The yen has been declining against the dollar since early 2021, when US Treasury yields started rising sharply amid a strong recovery in US growth and the start of an acceleration in inflation in the country.

After the yen lost 10% of its value against the greenback last year, the yen has fallen again nearly 9% since the start of 2022.

Its depreciation has increased further in recent weeks, with the prospect of an even more aggressive monetary tightening by the US Federal Reserve (Fed) than originally expected to counter inflation in the United States to its 40-year high.

Going against the grain of the other major central banks, the Bank of Japan (BoJ) is maintaining its highly accommodative monetary policy, as the macroeconomic conditions for tightening are still not met in Japan.

BoJ Governor Haruhiko Kuroda also reconfirmed this rate on Wednesday, which appears to have sparked the yen’s new weakness.

– An ineffective “safe harbor” effect –

Japan’s economy is still fluctuating after the initial shock caused by the Covid pandemic in 2020, but inflation is much more moderate there than elsewhere (barely 0.6% excluding fresh produce in February), even if it is now also accelerating due to rising energy Prices.

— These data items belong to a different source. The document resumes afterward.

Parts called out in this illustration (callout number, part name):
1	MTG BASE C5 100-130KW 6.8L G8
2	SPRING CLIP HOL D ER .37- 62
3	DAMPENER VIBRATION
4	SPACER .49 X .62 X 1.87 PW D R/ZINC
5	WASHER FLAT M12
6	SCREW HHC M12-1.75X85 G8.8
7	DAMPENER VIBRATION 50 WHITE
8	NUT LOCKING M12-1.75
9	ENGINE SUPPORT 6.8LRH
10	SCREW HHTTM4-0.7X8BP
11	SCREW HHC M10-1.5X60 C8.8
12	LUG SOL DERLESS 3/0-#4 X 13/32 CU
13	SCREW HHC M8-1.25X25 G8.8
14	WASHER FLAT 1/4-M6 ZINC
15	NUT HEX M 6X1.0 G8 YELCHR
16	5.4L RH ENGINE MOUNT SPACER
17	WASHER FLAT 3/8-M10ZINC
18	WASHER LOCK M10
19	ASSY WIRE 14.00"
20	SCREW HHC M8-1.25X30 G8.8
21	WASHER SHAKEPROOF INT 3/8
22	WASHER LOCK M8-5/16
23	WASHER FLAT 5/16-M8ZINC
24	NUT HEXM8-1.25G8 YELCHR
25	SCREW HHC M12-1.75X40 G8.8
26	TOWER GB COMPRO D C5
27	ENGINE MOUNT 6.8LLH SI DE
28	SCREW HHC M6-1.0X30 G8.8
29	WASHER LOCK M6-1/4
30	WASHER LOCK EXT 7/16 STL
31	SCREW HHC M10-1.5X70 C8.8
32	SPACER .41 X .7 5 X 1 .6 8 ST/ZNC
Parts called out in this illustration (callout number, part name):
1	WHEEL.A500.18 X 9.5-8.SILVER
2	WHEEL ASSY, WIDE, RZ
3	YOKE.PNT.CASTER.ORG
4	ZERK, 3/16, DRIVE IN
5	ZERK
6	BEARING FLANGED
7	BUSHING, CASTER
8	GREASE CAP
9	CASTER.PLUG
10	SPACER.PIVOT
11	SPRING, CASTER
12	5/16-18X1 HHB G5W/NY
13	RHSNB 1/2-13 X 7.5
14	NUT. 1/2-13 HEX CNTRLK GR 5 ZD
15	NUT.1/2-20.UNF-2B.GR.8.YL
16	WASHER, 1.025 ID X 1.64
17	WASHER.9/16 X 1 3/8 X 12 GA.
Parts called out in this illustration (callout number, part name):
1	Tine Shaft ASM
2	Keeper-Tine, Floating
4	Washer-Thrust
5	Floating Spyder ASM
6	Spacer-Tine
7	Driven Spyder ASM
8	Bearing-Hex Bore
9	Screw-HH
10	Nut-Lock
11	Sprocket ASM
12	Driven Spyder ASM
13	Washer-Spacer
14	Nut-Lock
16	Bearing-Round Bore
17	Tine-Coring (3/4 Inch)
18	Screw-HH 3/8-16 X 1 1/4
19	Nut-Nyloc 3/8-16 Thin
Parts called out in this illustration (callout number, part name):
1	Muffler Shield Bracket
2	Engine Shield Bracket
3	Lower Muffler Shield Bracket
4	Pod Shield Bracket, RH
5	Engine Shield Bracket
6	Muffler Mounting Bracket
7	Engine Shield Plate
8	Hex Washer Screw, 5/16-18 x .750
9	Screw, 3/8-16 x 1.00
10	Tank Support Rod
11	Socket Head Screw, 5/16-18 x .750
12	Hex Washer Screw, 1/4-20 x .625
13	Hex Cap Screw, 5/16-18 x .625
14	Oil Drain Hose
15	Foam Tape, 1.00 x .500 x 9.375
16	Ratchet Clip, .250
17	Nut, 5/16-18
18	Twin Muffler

The yen has traditionally been a “safe haven” in the event of severe market turbulence. For despite its appalling government debt (more than 260% of GDP according to the IMF), Japan appears to be a country with a strong backbone: it has been the world’s largest creditor for three decades, with a net worth abroad that weighed $3.6 trillion end of 2021, data from Japan’s Ministry of Finance shows.

However, this status has not worked since the beginning of the Russo-Ukrainian conflict, as rising energy prices widen the trade deficit of Japan, a major importer of hydrocarbons.

This will also cause the Japanese currency to fall as “oil importers have to pay in dollars and therefore buy dollars,” reminded AFP Masamichi Adachi, chief economist at UBS Securities in Japan.

But the BoJ continues to view yen weakness as an overall positive for the Japanese economy, notably by improving the price competitiveness of the country’s exports and boosting corporate profits as they convert their foreign earnings into yen.

However, this dogma, which the government also adheres to, has begun to be debated in Japan. Because the sharp drop in the yen combined with rising energy prices weakens small and medium-sized enterprises targeting the national market, as well as the purchasing power of households, whose consumption is already half-mast.

– Sudden movements “very problematic” –

Japanese politicians are increasingly concerned about the rapid decline of the national currency. “Exchange rate stability is important and we find sudden movements undesirable,” government spokesman Hirokazu Matsuno reiterated on Wednesday, following similar comments by Prime Minister Fumio Kishida the day before.

Japanese Finance Minister Shunichi Suzuki made it clear on Wednesday that such fluctuations were “very problematic”.

However, direct intervention from Tokyo with its foreign exchange reserves to support the yen seems difficult, economists say.

The US authorities “see positive about the appreciation of the dollar, because their problem is high inflation,” emphasized Mr. Adachi. This rules out a coordinated US-Japanese intervention, which would have a greater impact than a unilateral action by Tokyo.

Moreover, “it would be strange” if the Japanese government intervened by buying the yen while the BoJ left its extremely accommodative policy unchanged, Tohru Sasaki of JPMorgan Chase also noted, when polled by AFP.